Items from a data source:
####################

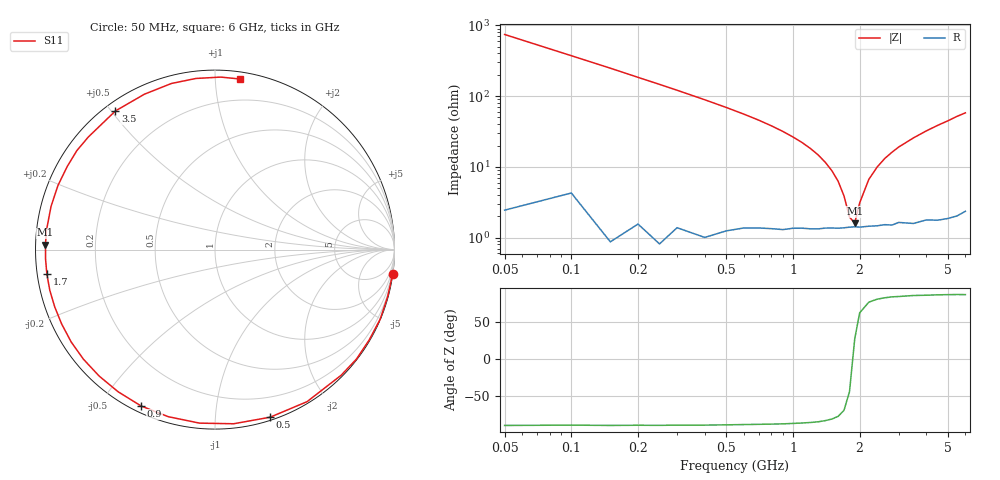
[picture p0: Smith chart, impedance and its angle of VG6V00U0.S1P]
! Infineon Technologies  Discrete & RF Semiconductors
! BB 831
! Si Tuning Diode in SOD323
! VR = 6 V
! S-Parameters:  July  1999
# GHz  S  MA  R  50
!  f  S11
! GHz  MAG  ANG
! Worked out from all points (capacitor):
!   34 points, 50 MHz to 6 GHz, reference 50 ohm
!   read as one part to ground: C = 4.26 pF near 50 MHz
!   lowest |Z| = 1.6 ohm at 1.9 GHz (marker M1)
!   series resonance near 1.865 GHz, so ESL is about 1.7 nH
!   S11 on the Smith chart (normalised r, x): 50 MHz: 0, -15; 500 MHz: 0.02, -1.38; 900 MHz: 0.03, -0.63; 1.7 GHz: 0.03, -0.07; 3.5 GHz: 0.03, +0.51; 6 GHz: 0.05, +1.16
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0.05  0.9996 -7.7
0.15  0.9986 -22.8
0.25  0.9966 -37.7
0.3  0.992 -44.9
0.4  0.9904 -58.8
0.5  0.983 -71.8
0.6  0.9759 -83.9
0.7  0.9707 -95.1
0.8  0.9666 -105.6
0.9  0.9637 -115.3
1  0.9585 -124.3
1.1  0.9555 -132.5
1.2  0.954 -140.2
1.3  0.9523 -147.3
1.4  0.9496 -154.1
1.6  0.9479 -166.1
1.7  0.9467 -171.7
1.9  0.9448 178.3
2.2  0.9447 165.2
2.4  0.9451 157.7
2.6  0.9446 150.6
3  0.9444 138.4
3.5  0.9511 125.7
4  0.951 114.4
4.5  0.9568 104.7
5  0.9594 96.4
5.5  0.9616 88.1
6  0.9606 81.6

####################

## What the task requires
Whenever a line above includes "points", copy it in full.

## Result for this task
! Worked out from all points (capacitor):
!   34 points, 50 MHz to 6 GHz, reference 50 ohm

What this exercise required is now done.